7. Diagnosis, Staging, Curability
Real story
I first met J. when he walked into my office with his children for a consultation. He was in his sixties, of average build, with a gentle face, curly gray-black hair, and the appearance of someone whose work was physical. He wore jeans and a T-shirt with a pack of cigarettes rolled up in one side. His hands were rough, his talk straight. I would later come to know him as a happy, garrulous, backslapping man, a man’s man who would do anything for his friends and family. In time, he would come to treat me as a son and endlessly philosophize about life, women, and what counted, hoping something would sink in that might do me good; sometimes I even managed to get a word in edgewise about his health.
On that day, however, J. was a crushed man, for he had recently been diagnosed with advanced cancer and told that it was “terminal.” Two weeks before we met, he had gone to the emergency room complaining of sudden, severe abdominal pain. A CT scan revealed multiple tumors in his abdomen and liver. Soon after, he underwent a liver biopsy, and it showed “poorly differentiated carcinoma.” He met with an oncologist who told him he had, not liver cancer, but a type of cancer called “unknown primary.” This diagnosis means that a cancer starts in an organ (such as the breast, pancreas, lung, or prostate) and spreads to other regions in the body but the original cancer can no longer be found. J. was told that he had a very aggressive form of it and that his life span would be measured in months, even with treatment. To make matters worse, J. felt that the doctor was matter-of-fact and offered him no hope, something he could not accept.
With his head hung down and eyes glazed red with emotion, J. gave me a soft-handed shake as he sat down. He shook his head to clear away the heavy webs of grief and spoke in a steady voice. “Doc, I’ve come to you because I know about you. I heard you came from that big cancer center in … I know what I have is not good, but I’ve come to you for hope. I need someone to help me fight this battle, even if I lose the war.” His devastated children nodded and touched him as if to transfer some of their strength.
It is moments like these that make me feel as though my head is in a vice. I so want to make things better. I want to be a magician, defy the reality of a bad diagnosis, and pull the proverbial rabbit from a hat. But I know the difference between wiggle room and a fait accompli. In this case, although I thought the other doctor would be correct in the end, I saw one little stone left unturned. “I spoke to the pathologist who read your biopsy.
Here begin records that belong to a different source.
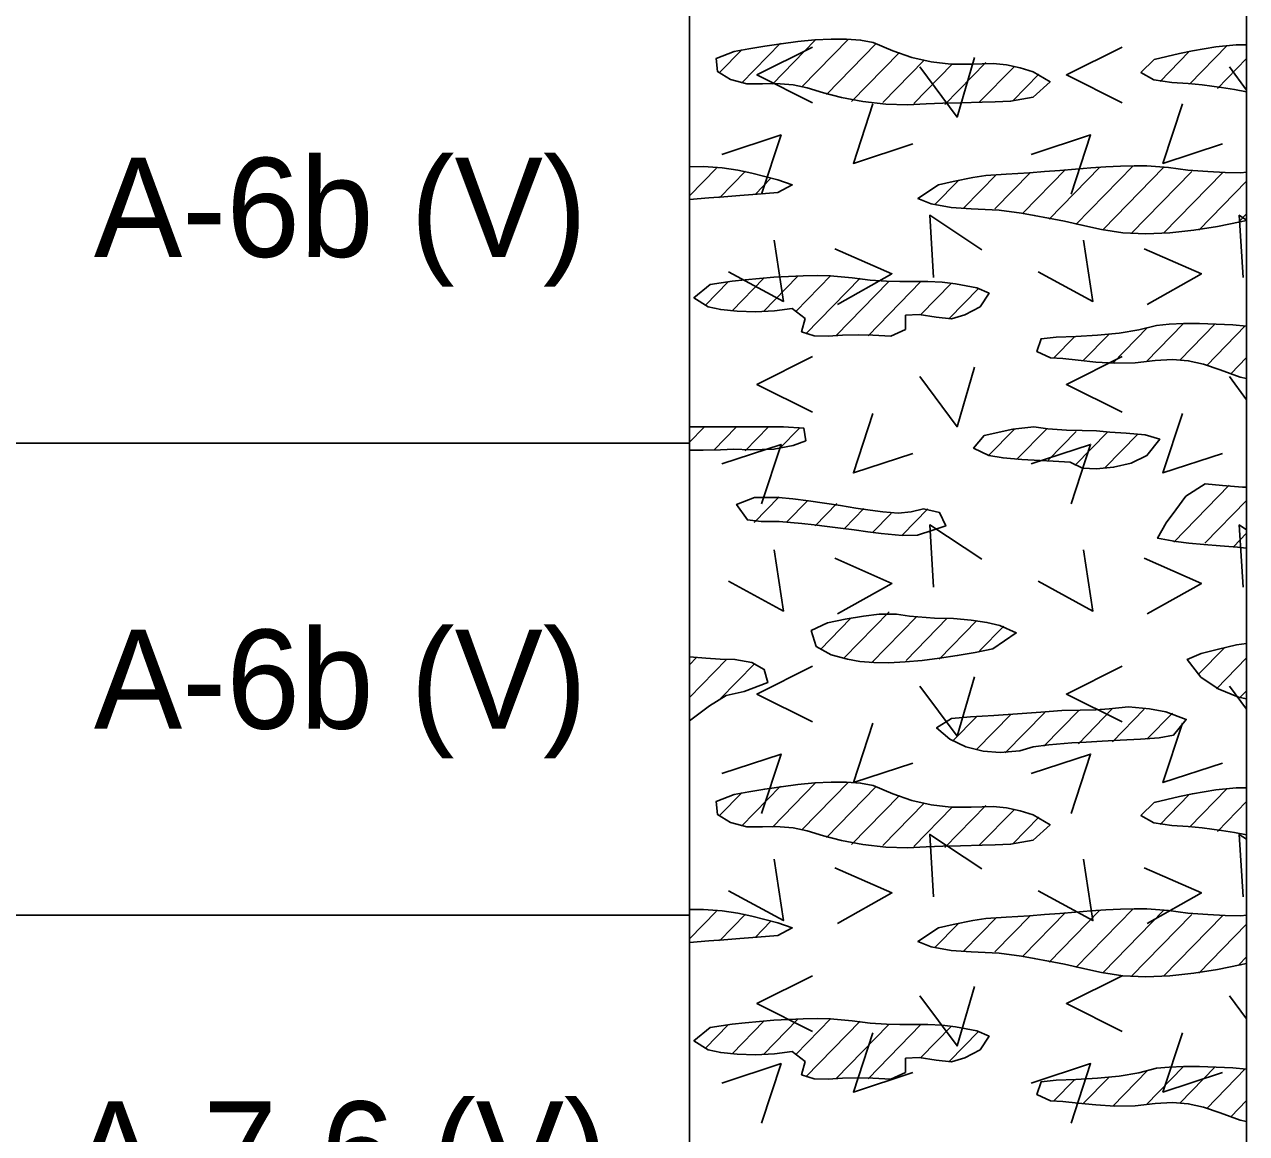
# Model space of a CAD drawing. Extents: x 0 to 0.833, y -0.32 to 0.608.
# Drawn here: x 0.7511 to 0.8333, y 0.3663 to 0.4409 of the extents above; entities that cross this region are included whole.
import ezdxf

# ---------------------------------------------------------------- set-up
doc = ezdxf.new("R2010")
doc.units = 0

msp = doc.modelspace()

# ---------------------------------------------------------------- linework, layer by layer
for points in [[(0, -0.320042), (0.833332, -0.320042), (0.833332, 0.608332), (0, 0.608332)], [(0.798854, 0.439113), (0.797634, 0.438652), (0.797728, 0.437756), (0.798587, 0.437233), (0.799696, 0.436937), (0.800742, 0.436947), (0.801652, 0.436961), (0.802809, 0.436877), (0.803766, 0.43667), (0.804856, 0.43632), (0.80606, 0.436024), (0.807509, 0.43575), (0.809046, 0.435564), (0.810517, 0.435533), (0.811769, 0.435591), (0.812889, 0.435631), (0.814075, 0.435666), (0.815527, 0.435707), (0.816416, 0.435733), (0.817445, 0.435764), (0.818967, 0.436038), (0.820111, 0.437074), (0.818963, 0.437743), (0.818099, 0.43801), (0.817169, 0.438206), (0.816265, 0.438311), (0.814793, 0.438253), (0.813435, 0.438256), (0.812104, 0.438406), (0.810802, 0.438708), (0.809527, 0.439168), (0.808198, 0.439718), (0.807356, 0.439878), (0.806403, 0.439952), (0.805364, 0.439953), (0.804267, 0.439892), (0.803138, 0.439784), (0.802006, 0.439639), (0.800896, 0.439471), (0.799837, 0.439291)], [(0.832629, 0.439559), (0.831261, 0.439422), (0.829688, 0.439156), (0.828826, 0.438983), (0.82712, 0.438572), (0.826226, 0.437703), (0.827084, 0.437212), (0.828308, 0.437025), (0.829408, 0.43696), (0.830335, 0.436871), (0.831655, 0.436688), (0.832526, 0.436546), (0.833332, 0.436404), (0.833332, 0.439552)], [(0.795832, 0.429156), (0.797147, 0.429266), (0.798141, 0.429339), (0.799224, 0.429417), (0.800394, 0.429502), (0.80179, 0.429624), (0.802748, 0.430138), (0.801793, 0.43048), (0.800911, 0.430694), (0.800027, 0.430915), (0.79909, 0.431121), (0.798029, 0.431287), (0.79677, 0.431382), (0.795832, 0.431362)], [(0.828162, 0.426908), (0.82978, 0.427078), (0.831374, 0.42733), (0.832902, 0.427641), (0.833332, 0.427746), (0.833332, 0.430986), (0.832951, 0.430953), (0.831885, 0.430975), (0.830714, 0.431028), (0.829383, 0.43113), (0.828069, 0.431299), (0.826619, 0.431418), (0.825765, 0.431421), (0.824843, 0.431393), (0.823868, 0.431343), (0.822856, 0.431274), (0.82182, 0.431195), (0.820774, 0.431111), (0.819735, 0.431028), (0.818715, 0.430953), (0.817148, 0.430858), (0.815785, 0.430765), (0.814914, 0.430632), (0.813574, 0.430357), (0.812595, 0.430144), (0.811206, 0.429226), (0.812105, 0.428864), (0.813452, 0.428618), (0.814789, 0.428528), (0.816678, 0.428425), (0.818181, 0.428225), (0.819046, 0.428079), (0.820004, 0.4279), (0.821067, 0.427685), (0.82225, 0.427434), (0.823565, 0.427142), (0.825013, 0.426916), (0.826559, 0.426847)], [(0.797084, 0.421927), (0.797938, 0.421749), (0.799042, 0.421637), (0.800285, 0.421603), (0.801555, 0.421657), (0.802742, 0.421811), (0.803614, 0.42115), (0.803377, 0.420253), (0.804221, 0.419982), (0.805167, 0.419964), (0.806129, 0.420019), (0.807202, 0.420051), (0.808182, 0.420019), (0.809387, 0.419946), (0.81037, 0.420412), (0.81038, 0.421359), (0.811296, 0.421421), (0.812442, 0.421234), (0.813463, 0.421128), (0.814379, 0.421384), (0.815394, 0.421926), (0.816006, 0.422839), (0.81517, 0.423212), (0.813738, 0.423488), (0.812849, 0.423581), (0.811872, 0.423639), (0.810001, 0.423641), (0.809104, 0.423659), (0.808002, 0.423733), (0.806784, 0.42389), (0.805305, 0.42402), (0.804427, 0.424033), (0.803488, 0.424017), (0.802511, 0.423977), (0.801521, 0.423915), (0.80054, 0.423837), (0.799593, 0.423746), (0.798702, 0.423647), (0.797221, 0.423423), (0.796138, 0.422546)], [(0.832407, 0.420708), (0.831293, 0.420772), (0.830172, 0.420809), (0.829096, 0.420811), (0.828115, 0.420772), (0.827281, 0.420684), (0.826083, 0.420385), (0.824762, 0.420159), (0.823296, 0.420022), (0.821831, 0.41994), (0.820509, 0.41988), (0.819505, 0.419782), (0.819224, 0.418917), (0.820125, 0.418498), (0.820967, 0.418447), (0.821997, 0.418347), (0.823181, 0.418217), (0.824476, 0.418129), (0.825838, 0.418154), (0.82719, 0.418318), (0.828356, 0.418385), (0.829402, 0.418304), (0.830435, 0.418071), (0.831559, 0.41768), (0.832909, 0.41719), (0.833332, 0.417114), (0.833332, 0.420633)], [(0.795832, 0.412295), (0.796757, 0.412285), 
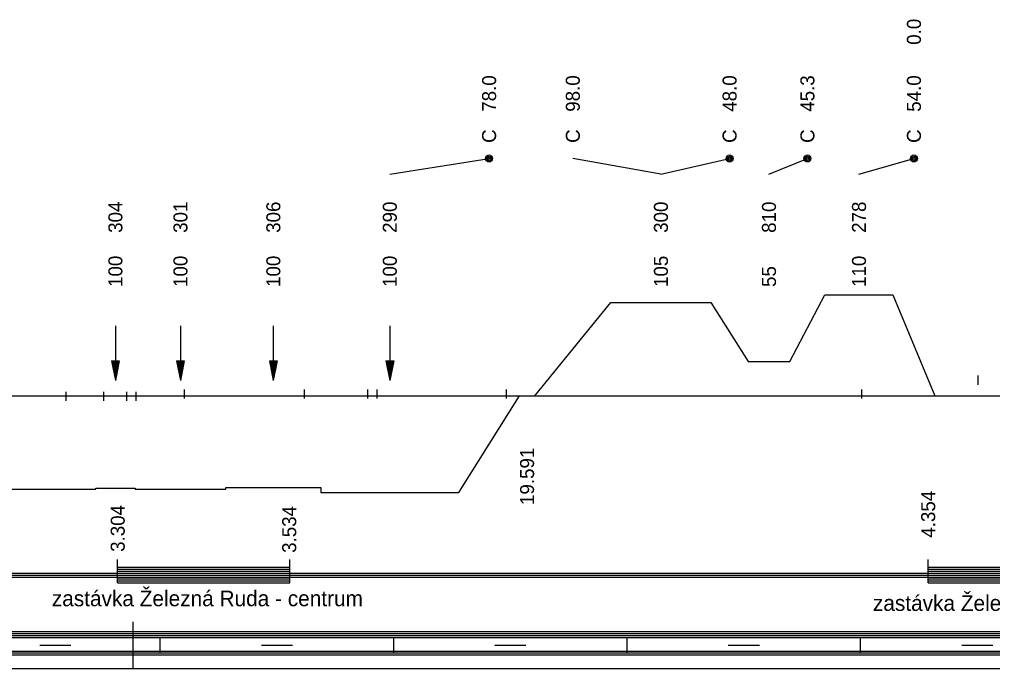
# Model space of a CAD drawing. Extents: x 2 to 10148, y 0 to 380.
# Drawn here: x 616.9 to 742, y 0 to 83.4 of the extents above; entities that cross this region are included whole.
import ezdxf

# ---------------------------------------------------------------- set-up
doc = ezdxf.new("R2010")
doc.units = 0
for name, color, linetype in [('KRIV1_CARA', 7, 'Continuous'), ('KRIV1_TEXT', 7, 'Continuous'), ('L_OBJEKTY_TEXT', 7, 'Continuous'), ('L_OBJEKTY_TVAR', 7, 'Continuous'), ('RAM', 7, 'Continuous'), ('STAN_CARA', 7, 'Continuous')]:
    doc.layers.add(name, color=color, linetype=linetype)

msp = doc.modelspace()

# ---------------------------------------------------------------- linework, layer by layer
for p, q in [((740.09, 37.61), (740.09, 36.42)), ((622.86, 35.55), (622.86, 34.36)), ((627.7, 35.55), (627.7, 34.36)), ((630.67, 35.55), (630.67, 34.36)), ((631.86, 35.55), (631.86, 34.36)), ((638.05, 35.85), (638.05, 34.66)), ((653.51, 35.85), (653.51, 34.66)), ((661.65, 35.85), (661.65, 34.66)), ((662.84, 35.85), (662.84, 34.66)), ((679.47, 35.85), (679.47, 34.66)), ((725.12, 35.85), (725.12, 34.66))]:
    msp.add_line(p, q)
at = {"layer": 'KRIV1_CARA'}
for p, q in [((715.9, 39.44), (720.43, 47.97)), ((720.43, 47.97), (729.16, 47.97)), ((729.16, 47.97), (734.56, 35)), ((683.12, 35), (692.92, 46.99)), ((692.92, 46.99), (705.77, 46.99)), ((705.77, 46.99), (710.57, 39.44)), ((710.57, 39.44), (715.9, 39.44)), ((301.52, 35), (632.74, 35)), ((631.22, 35), (1245.39, 35)), ((673.36, 22.6), (681.16, 35)), ((598.9, 23.04), (626.7, 23.04)), ((626.7, 23.04), (626.7, 23.16)), ((626.7, 23.16), (631.76, 23.16)), ((631.76, 23.16), (631.76, 23.04)), ((631.76, 23.04), (643.41, 23.04)), ((643.41, 23.04), (643.41, 23.24)), ((643.41, 23.24), (655.64, 23.24)), ((655.64, 23.24), (655.64, 22.6)), ((655.64, 22.6), (673.36, 22.6))]:
    msp.add_line(p, q, dxfattribs=at)
at = {"layer": 'KRIV1_TEXT'}
for p, q in [((664.5, 63.5), (677.26, 65.5)), ((699.34, 63.5), (688.02, 65.5)), ((699.34, 63.5), (708.17, 65.5)), ((713.23, 63.5), (718.17, 65.5)), ((724.8, 63.5), (731.86, 65.5)), ((629.23, 44), (629.23, 42.2)), ((637.59, 44), (637.59, 42.2)), ((649.53, 44), (649.53, 42.2)), ((664.5, 44), (664.5, 42.2)), ((629.23, 42.2), (629.23, 40)), ((637.59, 42.2), (637.59, 40)), ((649.53, 42.2), (649.53, 40)), ((664.5, 42.2), (664.5, 40)), ((628.73, 39.5), (629.23, 37)), ((628.73, 39.5), (629.73, 39.5)), ((628.83, 39.5), (629.23, 37.5)), ((628.93, 39.5), (629.23, 38)), ((629.03, 39.5), (629.23, 38.5)), ((629.13, 39.5), (629.23, 39)), ((629.23, 40), (629.23, 37)), ((629.73, 39.5), (629.23, 37)), ((629.63, 39.5), (629.23, 37.5)), ((629.53, 39.5), (629.23, 38)), ((629.43, 39.5), (629.23, 38.5)), ((629.33, 39.5), (629.23, 39)), ((629.23, 39.5), (629.23, 39.5)), ((629.23, 39.5), (629.23, 39.5)), ((637.09, 39.5), (637.59, 37)), ((637.09, 39.5), (638.09, 39.5)), ((637.19, 39.5), (637.59, 37.5)), ((637.29, 39.5), (637.59, 38)), ((637.39, 39.5), (637.59, 38.5)), ((637.49, 39.5), (637.59, 39)), ((637.59, 40), (637.59, 37)), ((638.09, 39.5), (637.59, 37)), ((637.99, 39.5), (637.59, 37.5)), ((637.89, 39.5), (637.59, 38)), ((637.79, 39.5), (637.59, 38.5)), ((637.69, 39.5), (637.59, 39)), ((637.59, 39.5), (637.59, 39.5)), ((637.59, 39.5), (637.59, 39.5)), ((649.03, 39.5), (649.53, 37)), ((649.03, 39.5), (650.03, 39.5)), ((649.13, 39.5), (649.53, 37.5)), ((649.23, 39.5), (649.53, 38)), ((649.33, 39.5), (649.53, 38.5)), ((649.43, 39.5), (649.53, 39)), ((649.53, 40), (649.53, 37)), ((650.03, 39.5), (649.53, 37)), ((649.93, 39.5), (649.53, 37.5)), ((649.83, 39.5), (649.53, 38)), ((649.73, 39.5), (649.53, 38.5)), ((649.63, 39.5), (649.53, 39)), ((649.53, 39.5), (649.53, 39.5)), ((649.53, 39.5), (649.53, 39.5)), ((664, 39.5), (664.5, 37)), ((664, 39.5), (665, 39.5)), ((664.1, 39.5), (664.5, 37.5)), ((664.2, 39.5), (664.5, 38)), ((664.3, 39.5), (664.5, 38.5)), ((664.4, 39.5), (664.5, 39)), ((664.5, 40), (664.5, 37)), ((665, 39.5), (664.5, 37)), ((664.9, 39.5), (664.5, 37.5)), ((664.8, 39.5), (664.5, 38)), ((664.7, 39.5), (664.5, 38.5)), ((664.6, 39.5), (664.5, 39)), ((664.5, 39.5), (664.5, 39.5)), ((664.5, 39.5), (664.5, 39.5))]:
    msp.add_line(p, q, dxfattribs=at)
for centre, radius in [((677.26, 65.5), 0.45), ((677.26, 65.5), 0.3), ((677.26, 65.5), 0.15), ((708.17, 65.5), 0.45), ((708.17, 65.5), 0.3), ((708.17, 65.5), 0.15), ((718.17, 65.5), 0.45), ((718.17, 65.5), 0.3), ((718.17, 65.5), 0.15), ((731.86, 65.5), 0.45), ((731.86, 65.5), 0.3), ((731.86, 65.5), 0.15)]:
    msp.add_circle(centre, radius, dxfattribs=at)
at = {"layer": 'L_OBJEKTY_TVAR'}
for p, q in [((629.5, 11), (629.5, 14)), ((651.65, 11), (651.65, 14)), ((733.69, 11), (733.69, 14)), ((629.5, 13), (651.65, 13)), ((629.5, 12.75), (651.65, 12.75)), ((733.69, 13), (756.16, 13)), ((733.69, 12.75), (756.16, 12.75)), ((629.5, 12.5), (632.74, 12.5)), ((629.5, 11.5), (651.65, 11.5)), ((631.22, 12.5), (651.65, 12.5)), ((631.22, 12.25), (651.65, 12.25)), ((631.22, 12), (651.65, 12)), ((631.22, 11.75), (651.65, 11.75)), ((733.69, 12.5), (756.16, 12.5)), ((733.69, 12.25), (756.16, 12.25)), ((733.69, 12), (756.16, 12)), ((733.69, 11.75), (756.16, 11.75)), ((733.69, 11.5), (756.16, 11.5)), ((629.5, 11.25), (651.65, 11.25)), ((629.5, 11), (651.65, 11)), ((733.69, 11.25), (756.16, 11.25)), ((733.69, 11), (756.16, 11))]:
    msp.add_line(p, q, dxfattribs=at)
at = {"layer": 'RAM'}
for p, q in [((631.52, 0), (631.52, 6)), ((5.52, 4.75), (632.74, 4.75)), ((5.52, 4.5), (632.74, 4.5)), ((5.52, 4.25), (632.74, 4.25)), ((5.52, 4), (632.74, 4)), ((631.22, 4.75), (1245.39, 4.75)), ((631.22, 4.5), (1245.39, 4.5)), ((631.22, 4.25), (1245.39, 4.25)), ((631.22, 4), (1245.39, 4)), ((635, 2), (635, 4)), ((665, 2), (665, 4)), ((695, 2), (695, 4)), ((725, 2), (725, 4)), ((619.52, 3), (623.52, 3)), ((648, 3), (652, 3)), ((678, 3), (682, 3)), ((708, 3), (712, 3)), ((738, 3), (742, 3)), ((3.52, 2.25), (632.74, 2.25)), ((3.52, 2), (632.74, 2)), ((3.52, 1.75), (632.74, 1.75)), ((631.22, 2.25), (1245.39, 2.25)), ((631.22, 2), (1245.39, 2)), ((631.22, 1.75), (1245.39, 1.75)), ((1.52, 0), (632.74, 0)), ((631.22, 0), (1245.39, 0))]:
    msp.add_line(p, q, dxfattribs=at)
at = {"layer": 'STAN_CARA'}
for p, q in [((301.52, 12.25), (632.74, 12.25)), ((301.52, 12), (632.74, 12)), ((301.52, 12), (632.74, 12)), ((301.52, 11.75), (632.74, 11.75)), ((631.22, 12.25), (796.79, 12.25)), ((631.22, 12), (796.79, 12)), ((631.22, 12), (796.79, 12)), ((631.22, 11.75), (796.79, 11.75))]:
    msp.add_line(p, q, dxfattribs=at)

# ---------------------------------------------------------------- texts
at = {"layer": 'KRIV1_TEXT'}
for s, p in [('0.0', (732.76, 80.1)), ('78.0', (678.16, 71.5)), ('98.0', (688.92, 71.5)), ('48.0', (709.07, 71.5)), ('45.3', (719.07, 71.5)), ('54.0', (732.76, 71.5)), ('C', (678.16, 67.5)), ('C', (688.92, 67.5)), ('C', (709.07, 67.5)), ('C', (719.07, 67.5)), ('C', (732.76, 67.5)), ('304', (630.13, 55.95)), ('301', (638.49, 55.95)), ('306', (650.43, 55.95)), ('290', (665.4, 55.95)), ('300', (700.24, 55.95)), ('810', (714.13, 55.95)), ('278', (725.7, 55.95)), ('100', (630.13, 49)), ('100', (638.49, 49)), ('100', (650.43, 49)), ('100', (665.4, 49)), ('105', (700.24, 49)), ('110', (725.7, 49)), ('55', (714.13, 49)), ('19.591', (683.04, 21))]:
    msp.add_text(s, height=1.8, rotation=90, dxfattribs=at).set_placement(p)
at = {"layer": 'L_OBJEKTY_TEXT'}
for s, p in [('4.354', (734.59, 16.8)), ('3.304', (630.43, 14.98)), ('3.534', (652.47, 14.85))]:
    msp.add_text(s, height=1.8, rotation=90, dxfattribs=at).set_placement(p)
for s, p in [('zastávka Železná Ruda - centrum', (621.06, 8)), ('zastávka Železná Ruda - město', (726.59, 7.4))]:
    msp.add_text(s, height=2, dxfattribs=at).set_placement(p)

doc.saveas('drawing.dxf')

I asked him to perform additional testing on the sample, which can sometimes indicate the exact organ of origin. But he is unable do so because the sample is too small. Your first biopsy was taken under CT scan guidance. Though it may not change anything, I want you to undergo surgery so we can have a larger chunk of tumor for analysis.”
I felt that if I could not help him to live for much longer, I could at least give this man what he needed right then, a true sense of hope. He needed to leave my office believing that I believed there was hope for his survival and that I would fight for it. “Doc, I know you’re not a miracle worker, but I feel you’ll fight for me. I’ll do whatever you say if you think it can possibly help.”
The operating surgeon removed the needed piece of cancer but could do little more than that because of the large masses of tumors that filled J. abdomen and liver. Yet the surgery was worth it. The new pathology report changed the diagnosis. J. did not have a carcinoma; instead, he had a rare type of sarcoma (a tumor derived from the supportive, connective tissues of the body) called GIST.
When J. returned to my office with his wife, S., it was clear that his condition was deteriorating fast. His eyes had a sunken look, he was visibly in pain, and his belly was swollen. “J., you have a rare type of cancer called GIST, which stands for gastrointestinalstromal tumor,” I said. “Our current methods of treating cancer with chemotherapy and radiation are useless against this cancer. But I have made some calls and found out that an important clinical trial is studying a drug called STI-571 to treat GIST. The drug is working wonders in patients with leukemia and appears very promising against GIST. I have spoken with the people in charge of the study. They’re expecting you.”
I walked them to the door and gave S. two prescriptions. On one I wrote “Oxycontin,” for pain. On the other I wrote “STI-571,” with the contact phone number. “Don’t leave the city without it,” I whispered in her ear. S. bear-hugged me and looked me right in the eyes, speaking volumes without words; she turned away and they were gone.
One month later, J. strutted into my office, and I laid eyes on a new man. “Hey, Doc, how are you? I’m great, no pain, eating again, hasn’t felt better in months!” He had an impish grin and twinkling blue eyes and gripped me in a strong handshake.
J. was in the original group of patients who received STI-571 (later named imatinib/Gleevec) in a clinical trial that demonstrated its remarkable activity against GIST. He went on to live another two and a half very enjoyable years and touched the lives of many others.